Exercise instructions: With the pictures left out, copy the records below exactly from the first line down to the line holding "A CAD part, left-side", and include that line.

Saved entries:
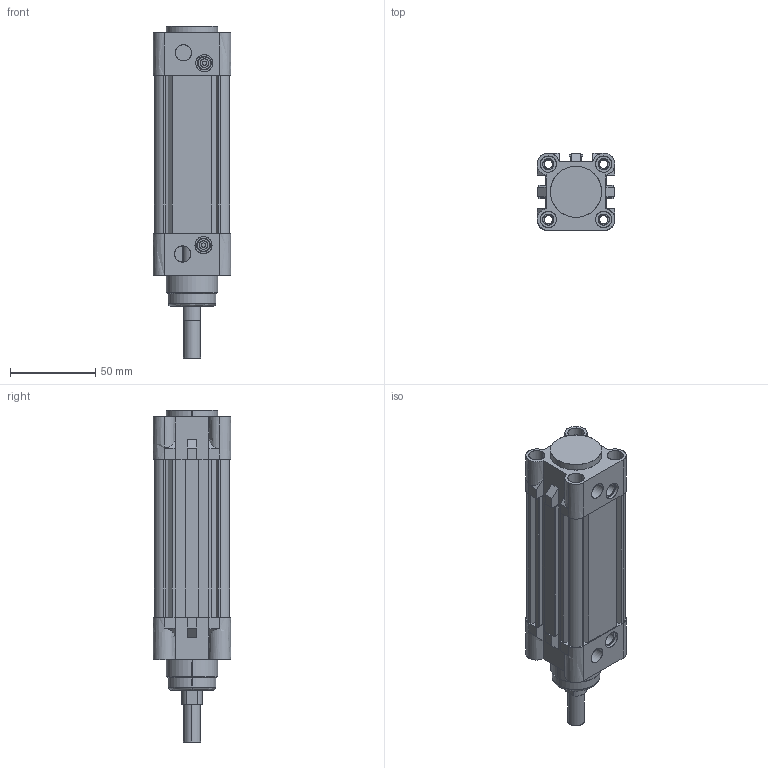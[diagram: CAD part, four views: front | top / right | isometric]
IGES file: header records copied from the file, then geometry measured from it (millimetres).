
Start section: SolidWorks IGES file using analytic representation for surfaces
Global section: file name: D:\ARICA 3D ÇÝZÝMLER\3D IGES\DNCAT-S DÖNMEZ MÝLLÝ SERÝSÝ\DNCAT-S 32\DNCAT-S-32x50CYLINDER.IGS; native system: SolidWorks 2013; preprocessor: SolidWorks 2013; author: user; date: 161217.091634; units: millimetre
Bounding box: 45.5 x 45.5 x 194.75 mm (x, y, z)
Surface area: 78084.2 mm2 (no closed solid volume)
Topology: 0 solids, 0 shells, 319 faces, 4944 edges, 4944 vertices
Faces by surface type: bspline 189, revolution 130
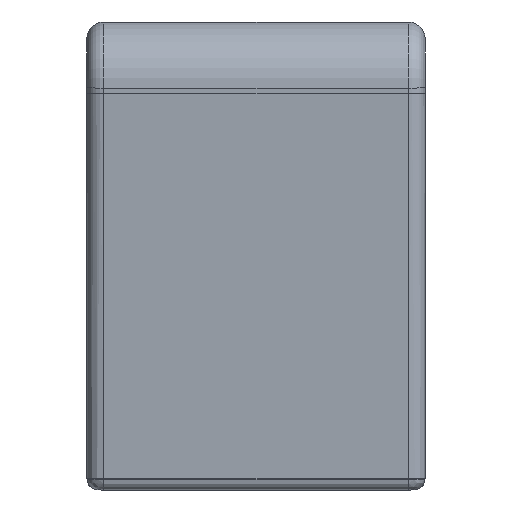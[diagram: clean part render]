
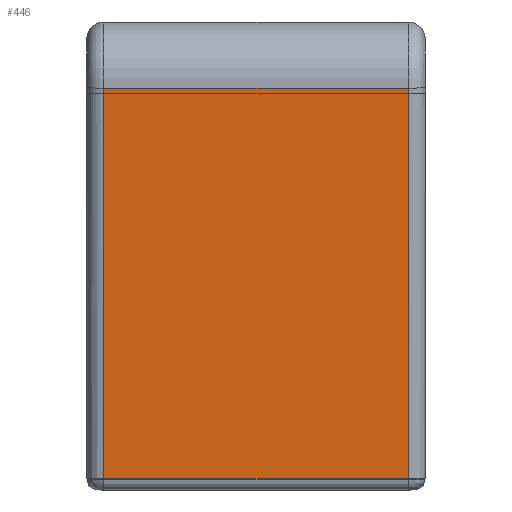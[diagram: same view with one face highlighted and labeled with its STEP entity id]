
A CAD part, left-side view. The second image highlights one B-rep face of the part: STEP entity #446.
In plain terms, the highlighted planar face has unit normal (-0.998, 0, -0.067).
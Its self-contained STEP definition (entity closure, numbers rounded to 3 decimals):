
#270 = EDGE_CURVE ( 'NONE', #4034, #4033, #801, .T. ) ;
#271 = EDGE_CURVE ( 'NONE', #4033, #4032, #799, .T. ) ;
#272 = EDGE_CURVE ( 'NONE', #4032, #4031, #797, .T. ) ;
#273 = EDGE_CURVE ( 'NONE', #4034, #4031, #795, .T. ) ;
#400 = EDGE_LOOP ( 'NONE', ( #1593, #1594, #1595, #1596 ) ) ;
#446 = ADVANCED_FACE ( 'NONE', ( #3691 ), #4940, .T. ) ;
#794 = VECTOR ( 'NONE', #4665, 1000. ) ;
#795 = LINE ( 'NONE', #4664, #794 ) ;
#796 = VECTOR ( 'NONE', #4663, 1000. ) ;
#797 = LINE ( 'NONE', #4662, #796 ) ;
#798 = VECTOR ( 'NONE', #4661, 1000. ) ;
#799 = LINE ( 'NONE', #4660, #798 ) ;
#800 = VECTOR ( 'NONE', #4659, 1000. ) ;
#801 = LINE ( 'NONE', #4658, #800 ) ;
#1593 = ORIENTED_EDGE ( 'NONE', *, *, #270, .T. ) ;
#1594 = ORIENTED_EDGE ( 'NONE', *, *, #271, .T. ) ;
#1595 = ORIENTED_EDGE ( 'NONE', *, *, #272, .T. ) ;
#1596 = ORIENTED_EDGE ( 'NONE', *, *, #273, .F. ) ;
#3017 = CARTESIAN_POINT ( 'NONE',  ( -470.388, -13.5, 28.632 ) ) ;
#3019 = CARTESIAN_POINT ( 'NONE',  ( -468.063, -13.5, -6.067 ) ) ;
#3021 = CARTESIAN_POINT ( 'NONE',  ( -468.063, 13.5, -6.067 ) ) ;
#3023 = CARTESIAN_POINT ( 'NONE',  ( -470.388, 13.5, 28.632 ) ) ;
#3549 = AXIS2_PLACEMENT_3D ( 'NONE', #4941, #4942, #4943 ) ;
#3691 = FACE_OUTER_BOUND ( 'NONE', #400, .T. ) ;
#4031 = VERTEX_POINT ( 'NONE', #3017 ) ;
#4032 = VERTEX_POINT ( 'NONE', #3019 ) ;
#4033 = VERTEX_POINT ( 'NONE', #3021 ) ;
#4034 = VERTEX_POINT ( 'NONE', #3023 ) ;
#4658 = CARTESIAN_POINT ( 'NONE',  ( -468., 13.5, -7. ) ) ;
#4659 = DIRECTION ( 'NONE',  ( 0.067, 0., -0.998 ) ) ;
#4660 = CARTESIAN_POINT ( 'NONE',  ( -468.063, 15., -6.067 ) ) ;
#4661 = DIRECTION ( 'NONE',  ( 0., -1., 0. ) ) ;
#4662 = CARTESIAN_POINT ( 'NONE',  ( -470.388, -13.5, 28.632 ) ) ;
#4663 = DIRECTION ( 'NONE',  ( -0.067, 0., 0.998 ) ) ;
#4664 = CARTESIAN_POINT ( 'NONE',  ( -470.388, 15., 28.632 ) ) ;
#4665 = DIRECTION ( 'NONE',  ( 0., -1., 0. ) ) ;
#4940 = PLANE ( 'NONE',  #3549 ) ;
#4941 = CARTESIAN_POINT ( 'NONE',  ( -468., 15., -7. ) ) ;
#4942 = DIRECTION ( 'NONE',  ( -0.998, 0., -0.067 ) ) ;
#4943 = DIRECTION ( 'NONE',  ( -0.067, 0., 0.998 ) ) ;

Solution to the exercise:
[diagram: CAD part, four views: front | top / right | isometric]
IGES file: header records copied from the file, then geometry measured from it (millimetres).
Start section: SolidWorks IGES file using analytic representation for surfaces
Global section: file name: D:\ARICA 3D ÇÝZÝMLER\3D IGES\DNCAT-S DÖNMEZ MÝLLÝ SERÝSÝ\DNCAT-S 32\DNCAT-S-32x50CYLINDER.IGS; native system: SolidWorks 2013; preprocessor: SolidWorks 2013; author: user; date: 161217.091634; units: millimetre
Bounding box: 45.5 x 45.5 x 194.75 mm (x, y, z)
Surface area: 78084.2 mm2 (no closed solid volume)
Topology: 0 solids, 0 shells, 319 faces, 4944 edges, 4944 vertices
Faces by surface type: bspline 189, revolution 130
[diagram: clean part render]
[diagram: same view with one face highlighted and labeled with its STEP entity id]
A CAD part, left-side view. The second image highlights one B-rep face of the part: STEP entity #446.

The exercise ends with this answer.